[Task to complete]: Find each line below where the word "under" occurs, and copy it.

[Records excerpted from a collection]
[Start of section]

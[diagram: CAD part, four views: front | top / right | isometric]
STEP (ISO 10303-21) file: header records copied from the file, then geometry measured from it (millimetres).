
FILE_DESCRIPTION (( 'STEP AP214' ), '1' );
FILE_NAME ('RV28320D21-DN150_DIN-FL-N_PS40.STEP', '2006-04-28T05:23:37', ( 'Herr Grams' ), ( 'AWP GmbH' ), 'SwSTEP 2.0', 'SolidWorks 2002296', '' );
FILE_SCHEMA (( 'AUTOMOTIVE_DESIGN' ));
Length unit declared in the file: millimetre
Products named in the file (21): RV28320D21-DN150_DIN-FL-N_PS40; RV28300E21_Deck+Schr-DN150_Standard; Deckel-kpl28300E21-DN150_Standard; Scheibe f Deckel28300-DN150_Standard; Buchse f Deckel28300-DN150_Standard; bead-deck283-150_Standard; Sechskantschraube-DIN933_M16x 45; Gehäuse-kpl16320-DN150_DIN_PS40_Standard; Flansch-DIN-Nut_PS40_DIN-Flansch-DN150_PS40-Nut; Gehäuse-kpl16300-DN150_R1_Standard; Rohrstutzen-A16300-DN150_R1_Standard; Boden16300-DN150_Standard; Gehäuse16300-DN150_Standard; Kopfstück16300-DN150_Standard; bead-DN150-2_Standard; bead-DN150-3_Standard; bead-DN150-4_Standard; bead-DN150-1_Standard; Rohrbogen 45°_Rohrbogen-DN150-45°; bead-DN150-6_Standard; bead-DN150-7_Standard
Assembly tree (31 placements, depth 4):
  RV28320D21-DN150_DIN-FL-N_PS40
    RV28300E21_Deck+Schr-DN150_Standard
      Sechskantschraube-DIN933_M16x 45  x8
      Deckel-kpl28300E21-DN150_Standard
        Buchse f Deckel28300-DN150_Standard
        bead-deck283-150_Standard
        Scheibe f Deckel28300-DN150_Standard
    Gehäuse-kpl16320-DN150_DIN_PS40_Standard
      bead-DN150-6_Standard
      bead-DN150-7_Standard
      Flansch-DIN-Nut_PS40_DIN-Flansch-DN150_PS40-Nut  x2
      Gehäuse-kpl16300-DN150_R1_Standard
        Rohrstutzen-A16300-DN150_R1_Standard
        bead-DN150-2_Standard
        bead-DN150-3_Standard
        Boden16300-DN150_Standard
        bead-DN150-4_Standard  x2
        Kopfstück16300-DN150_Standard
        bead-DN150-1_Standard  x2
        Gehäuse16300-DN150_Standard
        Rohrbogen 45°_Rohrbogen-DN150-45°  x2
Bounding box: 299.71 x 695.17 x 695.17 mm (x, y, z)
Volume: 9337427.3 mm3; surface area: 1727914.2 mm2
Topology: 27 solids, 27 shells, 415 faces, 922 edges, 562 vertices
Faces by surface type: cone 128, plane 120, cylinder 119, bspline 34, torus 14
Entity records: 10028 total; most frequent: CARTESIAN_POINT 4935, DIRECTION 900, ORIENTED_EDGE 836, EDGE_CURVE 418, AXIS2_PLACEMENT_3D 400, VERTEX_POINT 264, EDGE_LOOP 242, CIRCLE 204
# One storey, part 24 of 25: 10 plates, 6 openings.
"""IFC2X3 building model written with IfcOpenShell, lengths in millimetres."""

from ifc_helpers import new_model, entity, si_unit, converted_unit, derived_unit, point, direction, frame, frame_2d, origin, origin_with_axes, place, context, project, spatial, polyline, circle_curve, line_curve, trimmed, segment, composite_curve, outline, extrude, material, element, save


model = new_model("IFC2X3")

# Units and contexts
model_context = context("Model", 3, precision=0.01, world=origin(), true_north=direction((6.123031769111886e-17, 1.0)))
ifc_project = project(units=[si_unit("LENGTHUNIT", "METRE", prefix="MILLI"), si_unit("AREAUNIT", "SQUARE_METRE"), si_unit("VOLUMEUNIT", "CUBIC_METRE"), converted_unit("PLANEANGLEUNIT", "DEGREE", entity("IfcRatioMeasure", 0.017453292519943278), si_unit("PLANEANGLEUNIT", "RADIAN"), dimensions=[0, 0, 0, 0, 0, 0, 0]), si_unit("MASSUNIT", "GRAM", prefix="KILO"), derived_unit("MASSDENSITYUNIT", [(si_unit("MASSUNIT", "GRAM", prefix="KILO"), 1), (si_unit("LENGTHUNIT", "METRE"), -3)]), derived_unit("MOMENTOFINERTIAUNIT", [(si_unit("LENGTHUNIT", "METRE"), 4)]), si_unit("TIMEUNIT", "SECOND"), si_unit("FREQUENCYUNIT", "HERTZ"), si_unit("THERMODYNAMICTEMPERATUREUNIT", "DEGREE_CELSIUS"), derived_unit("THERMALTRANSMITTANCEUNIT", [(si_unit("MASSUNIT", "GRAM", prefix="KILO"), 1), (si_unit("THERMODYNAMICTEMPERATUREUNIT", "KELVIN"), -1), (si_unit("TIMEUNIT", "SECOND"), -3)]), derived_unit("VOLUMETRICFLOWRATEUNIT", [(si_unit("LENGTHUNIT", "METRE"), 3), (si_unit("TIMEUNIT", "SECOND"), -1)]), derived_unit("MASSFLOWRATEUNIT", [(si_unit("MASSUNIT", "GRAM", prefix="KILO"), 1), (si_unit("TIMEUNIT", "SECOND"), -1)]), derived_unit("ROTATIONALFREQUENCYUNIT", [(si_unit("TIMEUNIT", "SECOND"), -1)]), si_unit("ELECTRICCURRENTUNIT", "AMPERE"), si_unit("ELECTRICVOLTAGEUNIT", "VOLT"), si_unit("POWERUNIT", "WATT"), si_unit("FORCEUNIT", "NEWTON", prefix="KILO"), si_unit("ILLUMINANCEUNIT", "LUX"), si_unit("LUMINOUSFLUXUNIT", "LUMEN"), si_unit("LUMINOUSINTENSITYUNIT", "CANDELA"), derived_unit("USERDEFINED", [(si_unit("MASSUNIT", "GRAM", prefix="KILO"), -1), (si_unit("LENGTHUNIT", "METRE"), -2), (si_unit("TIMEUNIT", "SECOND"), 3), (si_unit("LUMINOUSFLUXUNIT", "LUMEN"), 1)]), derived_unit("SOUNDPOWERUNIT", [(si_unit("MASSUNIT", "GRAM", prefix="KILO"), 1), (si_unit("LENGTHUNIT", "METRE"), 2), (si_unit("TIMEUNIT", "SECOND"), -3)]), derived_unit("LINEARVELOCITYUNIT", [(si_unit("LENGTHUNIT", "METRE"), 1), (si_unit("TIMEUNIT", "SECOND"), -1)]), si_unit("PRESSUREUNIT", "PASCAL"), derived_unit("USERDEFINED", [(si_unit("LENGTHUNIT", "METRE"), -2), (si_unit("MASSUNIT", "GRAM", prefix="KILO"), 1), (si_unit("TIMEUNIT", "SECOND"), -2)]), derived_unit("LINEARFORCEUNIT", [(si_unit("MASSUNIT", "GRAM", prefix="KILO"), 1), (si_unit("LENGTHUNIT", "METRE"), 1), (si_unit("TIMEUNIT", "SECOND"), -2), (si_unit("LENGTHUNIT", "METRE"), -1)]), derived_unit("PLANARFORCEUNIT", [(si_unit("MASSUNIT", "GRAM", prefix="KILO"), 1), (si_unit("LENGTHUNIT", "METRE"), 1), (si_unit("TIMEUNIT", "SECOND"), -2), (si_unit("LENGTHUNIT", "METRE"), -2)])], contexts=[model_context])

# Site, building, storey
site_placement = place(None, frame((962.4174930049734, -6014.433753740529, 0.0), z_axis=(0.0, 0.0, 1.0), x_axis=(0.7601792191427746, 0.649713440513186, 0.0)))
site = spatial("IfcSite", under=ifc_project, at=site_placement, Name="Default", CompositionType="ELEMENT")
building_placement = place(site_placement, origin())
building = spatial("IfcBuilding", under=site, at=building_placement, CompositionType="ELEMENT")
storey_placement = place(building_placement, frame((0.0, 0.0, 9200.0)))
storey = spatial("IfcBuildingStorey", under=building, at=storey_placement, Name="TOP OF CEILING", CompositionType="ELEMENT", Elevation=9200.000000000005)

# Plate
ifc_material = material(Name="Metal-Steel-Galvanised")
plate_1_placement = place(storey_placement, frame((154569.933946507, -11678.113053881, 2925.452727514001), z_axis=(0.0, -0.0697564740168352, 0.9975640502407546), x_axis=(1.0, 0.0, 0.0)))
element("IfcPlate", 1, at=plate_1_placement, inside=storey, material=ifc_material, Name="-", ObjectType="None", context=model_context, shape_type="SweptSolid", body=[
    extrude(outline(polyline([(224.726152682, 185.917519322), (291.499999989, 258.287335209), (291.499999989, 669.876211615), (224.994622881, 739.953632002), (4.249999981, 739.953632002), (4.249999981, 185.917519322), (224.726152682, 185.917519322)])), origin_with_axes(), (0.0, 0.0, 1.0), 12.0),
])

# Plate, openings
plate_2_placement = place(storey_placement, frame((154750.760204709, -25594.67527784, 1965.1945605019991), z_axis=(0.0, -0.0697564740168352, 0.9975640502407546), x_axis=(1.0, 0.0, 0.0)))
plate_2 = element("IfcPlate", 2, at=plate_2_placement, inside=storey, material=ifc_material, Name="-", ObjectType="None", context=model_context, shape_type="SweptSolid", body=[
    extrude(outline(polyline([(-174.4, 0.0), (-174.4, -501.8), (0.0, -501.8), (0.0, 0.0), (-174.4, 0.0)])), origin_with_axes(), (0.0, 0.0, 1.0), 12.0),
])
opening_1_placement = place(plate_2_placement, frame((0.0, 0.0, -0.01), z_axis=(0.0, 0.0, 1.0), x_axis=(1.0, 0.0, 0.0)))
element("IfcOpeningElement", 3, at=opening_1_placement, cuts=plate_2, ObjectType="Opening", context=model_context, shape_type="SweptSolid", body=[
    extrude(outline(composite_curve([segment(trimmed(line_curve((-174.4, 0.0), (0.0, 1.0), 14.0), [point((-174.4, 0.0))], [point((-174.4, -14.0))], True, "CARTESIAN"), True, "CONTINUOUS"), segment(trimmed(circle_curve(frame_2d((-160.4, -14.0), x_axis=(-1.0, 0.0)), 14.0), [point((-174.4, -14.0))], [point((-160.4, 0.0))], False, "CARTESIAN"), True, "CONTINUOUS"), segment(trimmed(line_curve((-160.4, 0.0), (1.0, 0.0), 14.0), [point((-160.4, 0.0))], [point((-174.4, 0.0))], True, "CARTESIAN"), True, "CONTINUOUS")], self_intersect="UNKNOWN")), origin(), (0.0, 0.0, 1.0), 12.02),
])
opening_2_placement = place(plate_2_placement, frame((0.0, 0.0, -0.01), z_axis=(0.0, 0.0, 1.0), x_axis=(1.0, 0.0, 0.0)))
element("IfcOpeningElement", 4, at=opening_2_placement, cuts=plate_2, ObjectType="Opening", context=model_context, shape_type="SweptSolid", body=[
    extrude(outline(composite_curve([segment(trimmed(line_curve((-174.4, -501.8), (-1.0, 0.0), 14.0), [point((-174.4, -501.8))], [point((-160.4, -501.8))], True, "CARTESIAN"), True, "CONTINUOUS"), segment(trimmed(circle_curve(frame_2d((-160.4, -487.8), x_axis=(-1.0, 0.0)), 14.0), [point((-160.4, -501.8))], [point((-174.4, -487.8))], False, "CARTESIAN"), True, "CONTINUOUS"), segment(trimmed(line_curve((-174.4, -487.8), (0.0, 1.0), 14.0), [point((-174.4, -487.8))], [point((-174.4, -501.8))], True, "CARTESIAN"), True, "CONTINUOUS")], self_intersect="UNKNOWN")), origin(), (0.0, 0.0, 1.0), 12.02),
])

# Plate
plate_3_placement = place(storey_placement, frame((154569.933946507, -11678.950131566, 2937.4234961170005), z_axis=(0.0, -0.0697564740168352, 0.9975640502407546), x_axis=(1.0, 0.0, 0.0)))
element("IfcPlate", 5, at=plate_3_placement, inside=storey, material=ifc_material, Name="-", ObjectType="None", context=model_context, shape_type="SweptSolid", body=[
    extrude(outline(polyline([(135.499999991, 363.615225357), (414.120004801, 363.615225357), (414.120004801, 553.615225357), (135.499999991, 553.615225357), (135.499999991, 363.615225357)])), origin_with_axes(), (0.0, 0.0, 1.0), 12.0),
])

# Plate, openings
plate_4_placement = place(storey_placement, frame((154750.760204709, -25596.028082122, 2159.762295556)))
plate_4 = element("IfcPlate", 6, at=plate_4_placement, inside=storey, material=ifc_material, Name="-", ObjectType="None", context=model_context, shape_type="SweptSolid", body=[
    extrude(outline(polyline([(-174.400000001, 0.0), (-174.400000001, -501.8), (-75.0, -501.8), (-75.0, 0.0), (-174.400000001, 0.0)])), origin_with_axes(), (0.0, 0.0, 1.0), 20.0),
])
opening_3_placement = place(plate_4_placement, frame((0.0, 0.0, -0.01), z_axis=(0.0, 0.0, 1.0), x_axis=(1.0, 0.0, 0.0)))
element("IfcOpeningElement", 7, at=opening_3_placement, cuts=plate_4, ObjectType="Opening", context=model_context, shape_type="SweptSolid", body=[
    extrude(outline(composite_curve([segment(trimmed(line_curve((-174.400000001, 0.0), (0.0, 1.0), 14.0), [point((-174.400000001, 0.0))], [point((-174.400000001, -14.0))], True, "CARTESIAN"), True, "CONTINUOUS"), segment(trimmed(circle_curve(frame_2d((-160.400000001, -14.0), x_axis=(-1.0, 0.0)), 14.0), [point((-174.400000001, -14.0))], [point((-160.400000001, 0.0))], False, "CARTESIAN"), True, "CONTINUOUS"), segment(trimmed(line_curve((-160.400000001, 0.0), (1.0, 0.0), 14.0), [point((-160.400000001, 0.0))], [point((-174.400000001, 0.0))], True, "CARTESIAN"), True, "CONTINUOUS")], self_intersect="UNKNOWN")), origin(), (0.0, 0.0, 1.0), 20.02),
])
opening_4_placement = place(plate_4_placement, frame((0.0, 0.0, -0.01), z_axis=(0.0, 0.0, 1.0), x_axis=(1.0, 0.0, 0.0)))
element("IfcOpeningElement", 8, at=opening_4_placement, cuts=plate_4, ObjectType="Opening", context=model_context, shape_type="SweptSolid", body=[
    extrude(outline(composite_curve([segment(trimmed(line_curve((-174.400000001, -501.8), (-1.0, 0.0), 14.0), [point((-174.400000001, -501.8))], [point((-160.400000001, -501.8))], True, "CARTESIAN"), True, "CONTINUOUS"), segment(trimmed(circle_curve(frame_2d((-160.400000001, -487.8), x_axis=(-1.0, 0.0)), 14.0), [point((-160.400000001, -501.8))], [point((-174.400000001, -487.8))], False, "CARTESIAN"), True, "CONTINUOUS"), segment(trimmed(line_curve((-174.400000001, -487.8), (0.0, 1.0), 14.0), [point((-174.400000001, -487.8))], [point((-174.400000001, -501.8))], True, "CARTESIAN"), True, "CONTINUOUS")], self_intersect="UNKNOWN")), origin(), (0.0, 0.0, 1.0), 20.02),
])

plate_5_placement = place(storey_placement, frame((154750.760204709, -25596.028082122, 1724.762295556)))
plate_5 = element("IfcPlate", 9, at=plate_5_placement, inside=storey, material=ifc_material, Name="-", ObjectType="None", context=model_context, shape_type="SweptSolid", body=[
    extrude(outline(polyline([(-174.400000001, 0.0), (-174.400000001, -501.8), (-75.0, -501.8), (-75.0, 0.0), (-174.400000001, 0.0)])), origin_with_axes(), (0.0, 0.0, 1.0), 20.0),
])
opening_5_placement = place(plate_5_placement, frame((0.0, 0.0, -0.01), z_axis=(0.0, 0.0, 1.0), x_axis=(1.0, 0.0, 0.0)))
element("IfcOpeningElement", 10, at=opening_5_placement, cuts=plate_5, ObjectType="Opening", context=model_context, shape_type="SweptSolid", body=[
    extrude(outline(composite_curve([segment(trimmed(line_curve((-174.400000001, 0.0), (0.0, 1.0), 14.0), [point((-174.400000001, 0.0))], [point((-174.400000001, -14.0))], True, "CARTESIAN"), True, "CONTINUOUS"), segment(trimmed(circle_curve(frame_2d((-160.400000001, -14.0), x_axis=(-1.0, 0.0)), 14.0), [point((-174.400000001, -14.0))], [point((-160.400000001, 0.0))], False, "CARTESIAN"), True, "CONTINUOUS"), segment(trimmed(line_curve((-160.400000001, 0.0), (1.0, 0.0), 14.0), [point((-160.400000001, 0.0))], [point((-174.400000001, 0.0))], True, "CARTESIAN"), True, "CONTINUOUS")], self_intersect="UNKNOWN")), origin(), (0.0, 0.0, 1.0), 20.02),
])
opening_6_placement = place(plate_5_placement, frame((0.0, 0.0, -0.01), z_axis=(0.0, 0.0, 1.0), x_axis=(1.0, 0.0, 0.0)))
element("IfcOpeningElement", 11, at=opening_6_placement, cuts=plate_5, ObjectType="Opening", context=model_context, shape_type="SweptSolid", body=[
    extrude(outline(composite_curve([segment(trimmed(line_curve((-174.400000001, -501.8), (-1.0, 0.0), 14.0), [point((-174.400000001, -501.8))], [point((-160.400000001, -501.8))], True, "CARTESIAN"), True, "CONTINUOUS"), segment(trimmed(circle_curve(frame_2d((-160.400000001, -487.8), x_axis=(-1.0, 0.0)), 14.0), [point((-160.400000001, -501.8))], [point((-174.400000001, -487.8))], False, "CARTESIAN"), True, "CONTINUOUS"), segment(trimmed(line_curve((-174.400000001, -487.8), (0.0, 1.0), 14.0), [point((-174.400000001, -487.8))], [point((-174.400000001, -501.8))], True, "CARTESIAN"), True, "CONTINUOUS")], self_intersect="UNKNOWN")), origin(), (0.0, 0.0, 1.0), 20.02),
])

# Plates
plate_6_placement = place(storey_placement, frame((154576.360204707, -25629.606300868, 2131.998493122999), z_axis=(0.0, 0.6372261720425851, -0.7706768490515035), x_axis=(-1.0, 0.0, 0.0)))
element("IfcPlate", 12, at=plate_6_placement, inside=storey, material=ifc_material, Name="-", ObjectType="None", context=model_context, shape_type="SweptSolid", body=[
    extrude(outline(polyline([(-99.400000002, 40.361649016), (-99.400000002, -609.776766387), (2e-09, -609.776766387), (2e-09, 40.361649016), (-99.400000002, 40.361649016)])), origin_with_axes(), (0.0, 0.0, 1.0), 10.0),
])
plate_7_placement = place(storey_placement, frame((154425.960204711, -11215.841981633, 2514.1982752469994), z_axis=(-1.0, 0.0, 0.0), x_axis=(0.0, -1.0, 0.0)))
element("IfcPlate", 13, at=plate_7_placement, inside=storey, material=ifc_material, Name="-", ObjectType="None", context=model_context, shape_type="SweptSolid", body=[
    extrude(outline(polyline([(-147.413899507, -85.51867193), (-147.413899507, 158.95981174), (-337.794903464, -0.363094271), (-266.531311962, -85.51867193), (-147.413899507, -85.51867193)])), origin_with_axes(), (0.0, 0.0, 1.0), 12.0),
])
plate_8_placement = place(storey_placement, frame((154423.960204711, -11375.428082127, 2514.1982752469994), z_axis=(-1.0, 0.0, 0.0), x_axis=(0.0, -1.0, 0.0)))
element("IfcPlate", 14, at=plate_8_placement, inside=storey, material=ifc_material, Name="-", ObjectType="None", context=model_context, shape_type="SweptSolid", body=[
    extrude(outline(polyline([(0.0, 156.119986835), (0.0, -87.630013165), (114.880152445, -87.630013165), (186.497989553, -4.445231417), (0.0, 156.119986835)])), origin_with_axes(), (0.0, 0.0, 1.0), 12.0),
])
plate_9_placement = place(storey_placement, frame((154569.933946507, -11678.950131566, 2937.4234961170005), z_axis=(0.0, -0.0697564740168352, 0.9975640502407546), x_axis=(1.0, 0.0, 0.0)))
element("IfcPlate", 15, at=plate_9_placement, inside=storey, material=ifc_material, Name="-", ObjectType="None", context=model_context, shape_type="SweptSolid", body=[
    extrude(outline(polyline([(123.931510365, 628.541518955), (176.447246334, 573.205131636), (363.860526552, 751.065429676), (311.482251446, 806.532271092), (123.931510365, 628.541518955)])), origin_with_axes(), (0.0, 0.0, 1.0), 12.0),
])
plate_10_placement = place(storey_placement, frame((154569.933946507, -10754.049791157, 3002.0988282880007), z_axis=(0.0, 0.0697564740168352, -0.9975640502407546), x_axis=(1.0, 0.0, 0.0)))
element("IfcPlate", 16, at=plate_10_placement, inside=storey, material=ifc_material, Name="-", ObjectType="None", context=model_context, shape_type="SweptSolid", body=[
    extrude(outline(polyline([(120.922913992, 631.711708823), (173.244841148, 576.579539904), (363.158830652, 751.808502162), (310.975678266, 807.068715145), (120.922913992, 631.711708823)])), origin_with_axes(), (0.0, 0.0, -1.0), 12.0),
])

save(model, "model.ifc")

[End of section]

[Exercise answer]:
site = spatial("IfcSite", under=ifc_project, at=site_placement, Name="Default", CompositionType="ELEMENT")
building = spatial("IfcBuilding", under=site, at=building_placement, CompositionType="ELEMENT")
storey = spatial("IfcBuildingStorey", under=building, at=storey_placement, Name="TOP OF CEILING", CompositionType="ELEMENT", Elevation=9200.000000000005)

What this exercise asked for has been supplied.